Der letzte Teller mit Spaghetti rollt gegen 11.45 Uhr vom Band
Am Ende des Fließbandes steht Alexander Brand und prüft, ob auf dem Tablett genau das liegt, was auf der Karte steht. Blitzschnell muss er erfassen, ob etwas fehlt oder falsch verteilt wurde. Wenn ja, gibt es einen Rüffel. Wenn nein, stülpt Brand den Deckel aufs Tablett. Fertig.

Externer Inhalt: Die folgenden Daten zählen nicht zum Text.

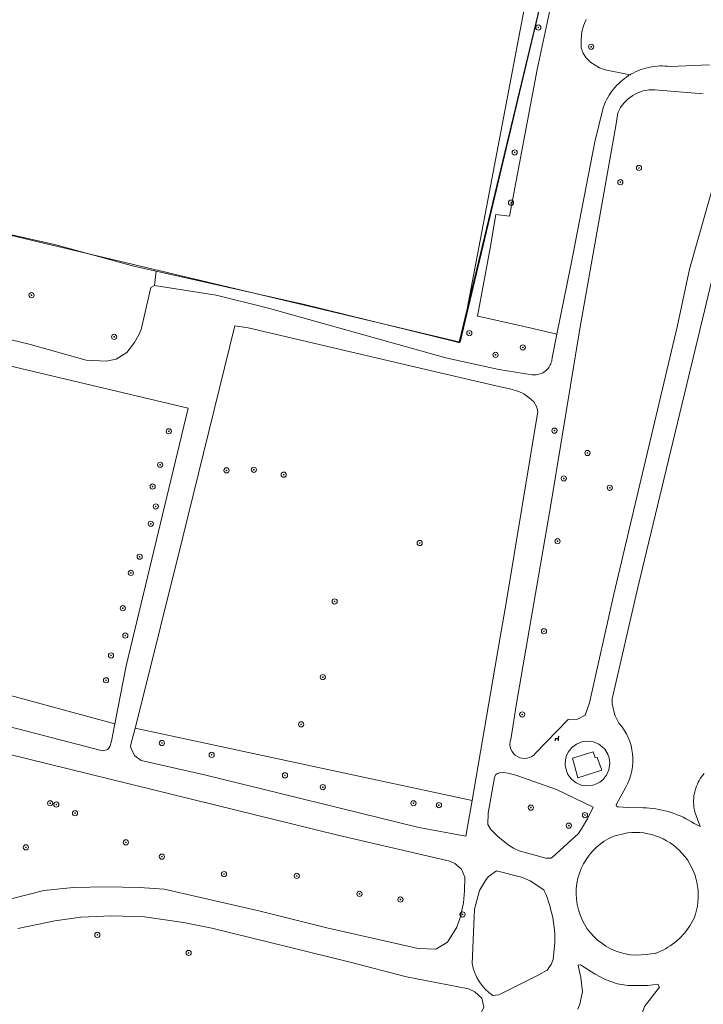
# Model space of a CAD drawing. Header units: metres. Extents: x 207466 to 209466, y 475780 to 477780.
# Tile 167 of 189: x 208766 to 208872, y 476709 to 476860. Entities that reach past the tile are written whole.
import ezdxf

# ---------------------------------------------------------------- set-up
doc = ezdxf.new("R2010")
doc.units = ezdxf.units.M
doc.linetypes.add('IE-TERREINAFSCHEIDING-KUNSTMATIG', pattern=[0])
doc.layers.get('0').update_dxf_attribs({"color": 253, "linetype": 'CONTINUOUS'})
for name, color, linetype, lineweight, true_color in [('B-RO-GR-BEPLANTING_CULTUUR_BOSPLANTSOEN-GV', 7, 'CONTINUOUS', 0, 0x6d8a47), ('B-RO-GR-BOOM-S', 7, 'CONTINUOUS', 0, 0x6d8a47), ('B-RO-GR-BOUWLAND-GV', 7, 'CONTINUOUS', 0, 0x6d8a47)]:
    doc.layers.add(name, color=color, linetype=linetype, lineweight=lineweight, true_color=true_color)
for name, color, linetype, lineweight in [('B-RO-IE-MEUBILAIR_WEGMEUBILAIR-S', 253, 'CONTINUOUS', 0), ('B-RO-IE-TERREINAFSCHEIDING_KUNSTMATIG_HEKWERK_RASTER-G', 253, 'IE-TERREINAFSCHEIDING-KUNSTMATIG', 0), ('B-RO-OG-TERREIN_CULTUURSCHEIDING-GV', 253, 'CONTINUOUS', 0), ('B-RO-VH-ONVERHARD-GV', 253, 'CONTINUOUS', 0), ('B-RO-VH-VERHARDING_FUNDERING_ZAND-GV', 253, 'CONTINUOUS', 0), ('B-WE-KG-GRENS_PERCEEL-GV', 150, 'CONTINUOUS', 18)]:
    doc.layers.add(name, color=color, linetype=linetype, lineweight=lineweight)

# ---------------------------------------------------------------- blocks, each defined once
blk = doc.blocks.new('SIE-WEG_ZITBANK-SO1')
at = {"color": 0, "linetype": 'ByBlock', "lineweight": -2, "flags": 128}
blk.add_lwpolyline([(-0.9125, -1.6313), (-0.9125, -0.2), (1.0875, -0.2), (1.0875, -1.6313), (1.2875, -1.6313), (1.2875, -0.2125), (1.5361, 1.7765), (1.3346, 1.7765), (1.1125, 0), (-1.1125, 0), (-1.1125, -1.6313), (-0.9125, -1.6313)], dxfattribs=at)
blk = doc.blocks.new('SGR-BOOM_01-SO1')
at = {"linetype": 'Continuous'}
h = blk.add_hatch(color=0, dxfattribs=at)
edge = h.paths.add_edge_path()
edge.add_arc((0, 0), 0.25, 0, 360)
at = {"color": 0, "linetype": 'ByBlock', "lineweight": -2}
for radius in [2, 0.25]:
    blk.add_circle((0, 0), radius, dxfattribs=at)

msp = doc.modelspace()

# ---------------------------------------------------------------- linework, layer by layer
at = {"layer": 'B-RO-GR-BEPLANTING_CULTUUR_BOSPLANTSOEN-GV', "flags": 128}
for points in [[(208845.3, 476869.36), (208835.16, 476815.83), (208833.97, 476810.88), (208833.88, 476810.58), (208833.01, 476810.85), (208810.03, 476816.5), (208787.19, 476821.64), (208786.91, 476819.42), (208796.42, 476817.92), (208804.31, 476815.96), (208831.84, 476808.26), (208840, 476806.48), (208845.17, 476805.64), (208845.38, 476805.62), (208845.59, 476805.62), (208845.8, 476805.64), (208846.01, 476805.67), (208846.21, 476805.72), (208846.41, 476805.79), (208846.61, 476805.87), (208846.8, 476805.96), (208846.98, 476806.07), (208847.15, 476806.19), (208847.31, 476806.32), (208847.46, 476806.47), (208847.61, 476806.63), (208847.73, 476806.79), (208847.85, 476806.97), (208847.95, 476807.16), (208848.04, 476807.35), (208848.11, 476807.55), (208848.17, 476807.75), (208848.21, 476807.96), (208848.23, 476808.16), (208848.24, 476808.24), (208848.98, 476811.92), (208845.28, 476812.8), (208840.03, 476813.95), (208837.04, 476814.62), (208836.73, 476814.7), (208838.69, 476825.18), (208839.54, 476830.35), (208841.69, 476830.13), (208845.92, 476852.74), (208848.42, 476864.29)], [(208853.47, 476860.43), (208853.1, 476859.46), (208852.8, 476858.55), (208852.73, 476857.38), (208852.71, 476856.08), (208853.04, 476855.25), (208853.42, 476854.59), (208854.2, 476853.83), (208855.52, 476852.99), (208856.44, 476852.67), (208860.29, 476851.93), (208860.38, 476851.99), (208860.72, 476852.18), (208861.07, 476852.35), (208861.43, 476852.51), (208861.79, 476852.66), (208862.16, 476852.79), (208862.54, 476852.9), (208862.91, 476853), (208863.3, 476853.09), (208863.68, 476853.16), (208864.07, 476853.21), (208864.46, 476853.25), (208864.85, 476853.27), (208865.24, 476853.27), (208865.64, 476853.26), (208866.03, 476853.23), (208866.42, 476853.19), (208866.45, 476853.19), (208872.51, 476853.47)], [(208871.55, 476848.99), (208864.07, 476849.59)], [(208858.39, 476846.05), (208858.09, 476844.33), (208852.55, 476813.06), (208848.1, 476785.89), (208842.75, 476754.97), (208841.85, 476749.43)], [(208869.43, 476821.93), (208873.56, 476836.57), (208875.45, 476845.1)], [(208736.53, 476817.81), (208767.58, 476810.37), (208776.37, 476807.88), (208779.49, 476807.73), (208781.04, 476808.05), (208782.64, 476809.09), (208783.83, 476810.61), (208784.51, 476811.81), (208784.86, 476812.65), (208786.38, 476819.09), (208786.91, 476819.42), (208787.19, 476821.64), (208783.73, 476822.41), (208771.72, 476825.67), (208756.04, 476829.26)], [(208845.69, 476747.29), (208850.7, 476752.49), (208852.17, 476752.56), (208853.31, 476753.14), (208853.99, 476755.06), (208857.77, 476771.84), (208867.56, 476813.25), (208869.43, 476821.93)], [(208728.33, 476766.08), (208728.45, 476764.69), (208729.08, 476762.95), (208730.09, 476761.58), (208731.65, 476760.19), (208733.6, 476759.15), (208735.81, 476758.36), (208738.55, 476757.53), (208748.65, 476755.33), (208763.29, 476751.72), (208778.93, 476747.67), (208779.72, 476747.86), (208780.06, 476748.34), (208780.29, 476749.17), (208780.81, 476751.8), (208728.33, 476766.08)], [(208834.27, 476729.43), (208833.25, 476730.3), (208832.49, 476730.62), (208815.19, 476734.64), (208751.42, 476750.34)], [(208783.96, 476751.13), (208783.25, 476748.44), (208783.34, 476747.94), (208783.87, 476746.91), (208784.89, 476746.19), (208794.61, 476743.96), (208827.7, 476735.85), (208834.95, 476734.52), (208835.9, 476740.02), (208783.96, 476751.13)], [(208759.35, 476723.43), (208769.84, 476726.1), (208774.45, 476726.58), (208779.47, 476726.7), (208784.6, 476726.58), (208788.43, 476726.31), (208803, 476723), (208813.5, 476720.34), (208827.57, 476717.15), (208830.33, 476717.07), (208832.08, 476718.13), (208833.52, 476720.44), (208834.12, 476722.13), (208834.59, 476724.23), (208834.72, 476726.05), (208834.76, 476728.18), (208834.27, 476729.43)], [(208848.65, 476719.38), (208848.61, 476719.95), (208848.55, 476720.51), (208848.47, 476721.07), (208848.38, 476721.63), (208848.27, 476722.18), (208848.15, 476722.74), (208848.01, 476723.29), (208847.86, 476723.83), (208847.68, 476724.37), (208847.5, 476724.91), (208847.3, 476725.43), (208847.08, 476725.96), (208846.98, 476726.2), (208844.83, 476727.61), (208843.49, 476728.2), (208839.64, 476729.14), (208838.37, 476728.22), (208837.97, 476727.64), (208837.02, 476726.12), (208836.29, 476723.23), (208835.92, 476714.86)], [(208839.1, 476709.95), (208840.03, 476710.03), (208846.18, 476713.09), (208847.45, 476713.85), (208848.07, 476714.69), (208848.41, 476715.49), (208848.64, 476718.09), (208848.65, 476719.38)]]:
    msp.add_lwpolyline(points, dxfattribs=at)
at = {"layer": 'B-RO-GR-BEPLANTING_CULTUUR_BOSPLANTSOEN-GV'}
for centre, radius, start, end in [((208863.7, 476843.86), 5.74, 86.3328, 157.5817), ((208843.97, 476748.72), 2.24, 161.7089, 320.1263), ((208843.01, 476715.96), 7.17, 188.7944, 236.9793)]:
    msp.add_arc(centre, radius, start, end, dxfattribs=at)
at = {"layer": 'B-RO-GR-BOUWLAND-GV', "flags": 128}
msp.add_lwpolyline([(208845.88, 476872.74), (208845.26, 476872.88), (208845.26, 476872.92), (208840.03, 476874.15), (208671.35, 476913.8), (208644.44, 476770.45), (208651.36, 476768.79), (208709.29, 476754.88), (208710.24, 476754.67), (208710.33, 476755.07), (208720.13, 476795.74), (208730, 476835.55), (208752.01, 476830.21), (208756.04, 476829.26), (208771.72, 476825.67), (208783.73, 476822.41), (208787.19, 476821.64), (208810.03, 476816.5), (208833.01, 476810.85), (208833.88, 476810.58), (208833.97, 476810.88), (208835.16, 476815.83), (208845.3, 476869.36), (208845.88, 476872.74)], dxfattribs=at)
at = {"layer": 'B-RO-IE-TERREINAFSCHEIDING_KUNSTMATIG_HEKWERK_RASTER-G', "flags": 128}
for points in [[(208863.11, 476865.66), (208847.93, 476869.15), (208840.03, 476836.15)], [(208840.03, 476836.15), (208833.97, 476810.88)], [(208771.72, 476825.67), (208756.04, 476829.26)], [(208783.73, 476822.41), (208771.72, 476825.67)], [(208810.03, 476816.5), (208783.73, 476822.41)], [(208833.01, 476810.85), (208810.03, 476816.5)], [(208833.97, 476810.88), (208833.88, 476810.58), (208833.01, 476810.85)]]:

Gegen 11.45 Uhr rollt die letzte Portion Spaghetti vom Band und wird per Transportwagen zur richtigen Station gebracht. Pause. Schultern bewegen, kurz Luft holen. Danach geht es ans Aufräumen, putzen, schrubben. Mitch Rublica lässt Wasser in den leeren Kessel laufen, spült einzelne Nudeln aus. Gleichzeitig kommen die ersten Mitarbeiter aus dem Service-Team ans Band, portionieren Käse, Wurst, Butter und Co. fürs Abendessen.
Die Organisation muss klappen, die Choreografie sitzen. Immer. "Bei uns ist jeder Tag gleich, egal ob Mittwoch oder Sonntag", sagt Grötzner. Oft arbeiten er und sein Team sieben bis zehn Tage durch. Das ist Stress. Dafür ist in der Regel um 15.30 Uhr "alles erledigt", sagt Grötzner. "Danach ist die Küche leer." Bis zum nächsten Morgen.